→ TRY IT
Down to the last line, restate the records word for word, but not the pictures.

→ DATASET CONTENT
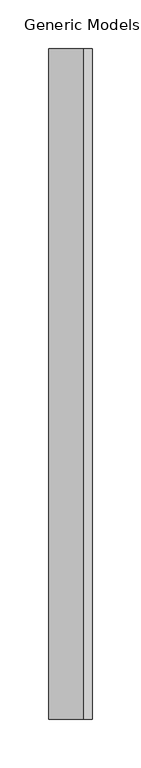
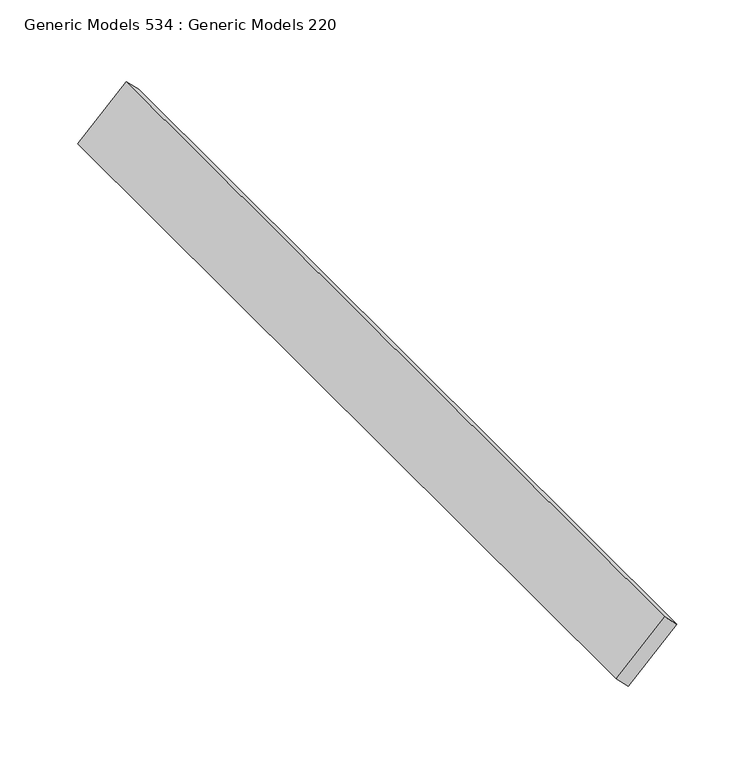
"""IFC4 building model written with IfcOpenShell, lengths in millimetres: proxy geometry, Generic Models 534 : Generic Models 220."""

from ifc_helpers import new_model, si_unit, frame, origin, place, context, project, spatial, polyline, outline, extrude, source, transform, mapped, element, save


def generic_models_534_generic_models_220_0aa05770(model_context):
    return source(origin(), model_context, "Body", "SweptSolid", [
        extrude(outline(polyline([(0.0, -12.7000001), (0.0, 0.0), (690.8142348, 0.0), (690.8142348, -12.7000001), (0.0, -12.7000001)])), frame((7841.3059863, 4539.4872686, 125192.1399101), z_axis=(0.7071067811868034, 0.0, 0.7071067811862918), x_axis=(0.0, -1.0, 0.0)), (0.0, 0.0, 1.0), 50.8),
    ])


if __name__ == "__main__":
    model = new_model("IFC4")
    model_context = context("Model", 3, world=origin())
    ifc_project = project(units=[si_unit("LENGTHUNIT", "METRE", prefix="MILLI")], contexts=[model_context])
    site = spatial("IfcSite", under=ifc_project)
    building = spatial("IfcBuilding", under=site)
    placement = place(None, origin())
    generic_models_534_generic_models_220_shape = generic_models_534_generic_models_220_0aa05770(model_context)
    element("IfcBuildingElementProxy", 1, Name="Generic Models 534 : Generic Models 220", ObjectType="Generic Models 534 : Generic Models 220", at=placement, inside=building, context=model_context, shape_type="MappedRepresentation", body=[
        mapped(generic_models_534_generic_models_220_shape, transform((0.0, 0.0, 0.0), x_axis=(1.0, 0.0, 0.0), y_axis=(0.0, 1.0, 0.0), z_axis=(0.0, 0.0, 1.0))),
    ])
    save(model, "model.ifc")

# Revit data of these elements
# Element 1 (IfcBuildingElementProxy, "Generic Models 534 : Generic Models 220")
#   Materials on its faces: "_WOOD TONE ALUMINUM EXTRUSION SLAT BY KNOTWOOD"
# Materials
#   "_WOOD TONE ALUMINUM EXTRUSION SLAT BY KNOTWOOD": class "Generic", colour RGB 177 130 114, transparency 0, Cost = 0

→ ANSWER SPACE
"""IFC4 building model written with IfcOpenShell, lengths in millimetres: proxy geometry, Generic Models 534 : Generic Models 220."""

from ifc_helpers import new_model, si_unit, frame, origin, place, context, project, spatial, polyline, outline, extrude, source, transform, mapped, element, save


def generic_models_534_generic_models_220_0aa05770(model_context):
    return source(origin(), model_context, "Body", "SweptSolid", [
        extrude(outline(polyline([(0.0, -12.7000001), (0.0, 0.0), (690.8142348, 0.0), (690.8142348, -12.7000001), (0.0, -12.7000001)])), frame((7841.3059863, 4539.4872686, 125192.1399101), z_axis=(0.7071067811868034, 0.0, 0.7071067811862918), x_axis=(0.0, -1.0, 0.0)), (0.0, 0.0, 1.0), 50.8),
    ])


if __name__ == "__main__":
    model = new_model("IFC4")
    model_context = context("Model", 3, world=origin())
    ifc_project = project(units=[si_unit("LENGTHUNIT", "METRE", prefix="MILLI")], contexts=[model_context])
    site = spatial("IfcSite", under=ifc_project)
    building = spatial("IfcBuilding", under=site)
    placement = place(None, origin())
    generic_models_534_generic_models_220_shape = generic_models_534_generic_models_220_0aa05770(model_context)
    element("IfcBuildingElementProxy", 1, Name="Generic Models 534 : Generic Models 220", ObjectType="Generic Models 534 : Generic Models 220", at=placement, inside=building, context=model_context, shape_type="MappedRepresentation", body=[
        mapped(generic_models_534_generic_models_220_shape, transform((0.0, 0.0, 0.0), x_axis=(1.0, 0.0, 0.0), y_axis=(0.0, 1.0, 0.0), z_axis=(0.0, 0.0, 1.0))),
    ])
    save(model, "model.ifc")

# Revit data of these elements
# Element 1 (IfcBuildingElementProxy, "Generic Models 534 : Generic Models 220")
#   Materials on its faces: "_WOOD TONE ALUMINUM EXTRUSION SLAT BY KNOTWOOD"
# Materials
#   "_WOOD TONE ALUMINUM EXTRUSION SLAT BY KNOTWOOD": class "Generic", colour RGB 177 130 114, transparency 0, Cost = 0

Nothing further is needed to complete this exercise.